# best price for x67c



## ishot3bucks (Dec 30, 2006)

Bought one from REEDS last year and got a great deal, does not look that great this season. Anyone know the best deal out? Last year it was posted on here and we cleaned them up...I'm looking for a 2nd for my son and a back-up when he's off to college in a couple years...lol


----------



## Anish (Mar 6, 2009)

Just bought an X67c from Northwoods for $219 the other day. 
CANT ait to get out there and give it a try!!!!!!!!!


----------



## y2ba (Jan 9, 2005)

Ishot...i just ordered from Nortwoods as well. 250$ shipped to your door...thats the best deal i found.


----------



## river rat78 (Dec 30, 2010)

Some idiot on ebay is asking $993.20 or best offer. Some people have no clue what they have and what its really worth.


----------



## Chad Smith (Dec 13, 2008)

river rat78 said:


> Some idiot on ebay is asking $993.20 or best offer. Some people have no clue what they have and what its really worth.


:lol: too funny. 

http://www.ebay.com/itm/Lowrance-X6...121?pt=LH_DefaultDomain_0&hash=item5aea71f789


----------



## mtwillard (Jan 15, 2010)

I'll sell mine for that price


Posted using Outdoor Hub Campfire


----------



## stickbow shooter (Dec 19, 2010)

I got lucky 2 years ago found one at wally world on clearance for $139.00 .


----------



## Anish (Mar 6, 2009)

stickbow shooter said:


> I got lucky 2 years ago found one at wally world on clearance for $139.00 .


 

WOW!! :yikes:


----------



## jjc155 (Oct 16, 2005)

mtwillard said:


> I'll sell mine for that price
> 
> 
> Posted using Outdoor Hub Campfire


Heck I'd sell mine for 1/2 that price lol. 
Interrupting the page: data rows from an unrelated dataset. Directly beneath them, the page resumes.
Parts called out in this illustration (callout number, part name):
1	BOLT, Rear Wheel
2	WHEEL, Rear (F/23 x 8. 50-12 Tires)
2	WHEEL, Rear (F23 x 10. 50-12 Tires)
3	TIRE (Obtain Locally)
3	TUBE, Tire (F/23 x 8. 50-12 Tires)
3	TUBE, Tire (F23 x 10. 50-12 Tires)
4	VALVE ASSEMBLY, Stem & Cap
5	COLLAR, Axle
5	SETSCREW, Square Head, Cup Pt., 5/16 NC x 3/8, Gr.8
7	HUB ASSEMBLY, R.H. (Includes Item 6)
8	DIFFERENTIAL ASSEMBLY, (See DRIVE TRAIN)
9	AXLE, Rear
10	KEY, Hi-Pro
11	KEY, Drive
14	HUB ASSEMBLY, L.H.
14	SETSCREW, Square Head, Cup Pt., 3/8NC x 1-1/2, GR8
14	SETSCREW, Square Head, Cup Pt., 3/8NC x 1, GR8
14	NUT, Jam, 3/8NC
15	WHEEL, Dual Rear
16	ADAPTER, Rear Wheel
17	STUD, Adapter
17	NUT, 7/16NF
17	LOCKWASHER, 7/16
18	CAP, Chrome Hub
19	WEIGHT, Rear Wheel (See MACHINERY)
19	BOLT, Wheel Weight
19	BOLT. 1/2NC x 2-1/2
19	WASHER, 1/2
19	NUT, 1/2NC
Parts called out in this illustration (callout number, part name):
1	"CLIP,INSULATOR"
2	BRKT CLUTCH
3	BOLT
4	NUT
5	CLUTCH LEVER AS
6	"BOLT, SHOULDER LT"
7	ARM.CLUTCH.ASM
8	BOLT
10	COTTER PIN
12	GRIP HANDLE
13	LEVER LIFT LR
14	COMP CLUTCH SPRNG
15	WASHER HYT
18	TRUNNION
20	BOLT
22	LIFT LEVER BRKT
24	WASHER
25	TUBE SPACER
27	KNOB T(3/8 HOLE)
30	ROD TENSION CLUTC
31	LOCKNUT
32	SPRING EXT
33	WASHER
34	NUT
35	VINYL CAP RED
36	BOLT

You'd think there would go deals. I think they have or are stopping production of the x67c. 

J-

posted using Outdoor Hub Campfire


----------



## Anish (Mar 6, 2009)

jjc155 said:


> Heck I'd sell mine for 1/2 that price lol.
> 
> You'd think there would go deals. I think they have or are stopping production of the x67c.
> 
> ...


 
One of the guys at Northwoods told me the model was discontinued.


----------



## sfw1960 (Apr 7, 2002)

Anish said:


> One of the guys at Northwoods told me the model was discontinued.


It is, the Mark/Elite 4 series is replacing it...

http://www.lowrance.com/en-US/Products/Fishfinder-Chartplotter/Elite4-en-us.aspx

http://www.lowrance.com/en-US/Products/Fishfinder/Elite4x-en-us.aspx


----------



## bobberbill (Apr 5, 2011)

Anish said:


> Just bought an X67c from Northwoods for $219 the other day.
> CANT ait to get out there and give it a try!!!!!!!!!


Thanks for the tip. I just bought one minutes ago, and then they went Out of Stock..I think I got there just in time. Now, if we can get a little more ice and no snow here in SW..


----------



## kathyally (Dec 30, 2010)

I just went into northwoods and got one for the 220 price. it says online they are out of stock but they had at least 20 or so in the case in the store!!


----------



## fish fanatic jr. (Feb 18, 2004)

Thanks Kathyally Ill be heading over there tomorrow.


----------



## y2ba (Jan 9, 2005)

Just a heads up for anyone looking at the x67. I bought one from nortwoods a few days ago. Had it shipped...charged the battery and fired it up. Everything worked perfect from what i can tell without getting it on the ice. EXCEPT when i try to power it down/shut it off. It wont shut down. I have to disconnect the battery cable. I figure i would email lowrance before doing anything to see if it was an easy fix. In order to email support i had to register my product...when doing this it shows the unit is OUT of warranty. Not sure what is going to come of it and i havent talked to Northwoods yet...so i guess time will tell. I guess i can wire a toggle if i have to but would rather not.


----------



## jjc155 (Oct 16, 2005)

y2ba said:


> Just a heads up for anyone looking at the x67. I bought one from nortwoods a few days ago. Had it shipped...charged the battery and fired it up. Everything worked perfect from what i can tell without getting it on the ice. EXCEPT when i try to power it down/shut it off. It wont shut down. I have to disconnect the battery cable. I figure i would email lowrance before doing anything to see if it was an easy fix. In order to email support i had to register my product...when doing this it shows the unit is OUT of warranty. Not sure what is going to come of it and i havent talked to Northwoods yet...so i guess time will tell. I guess i can wire a toggle if i have to but would rather not.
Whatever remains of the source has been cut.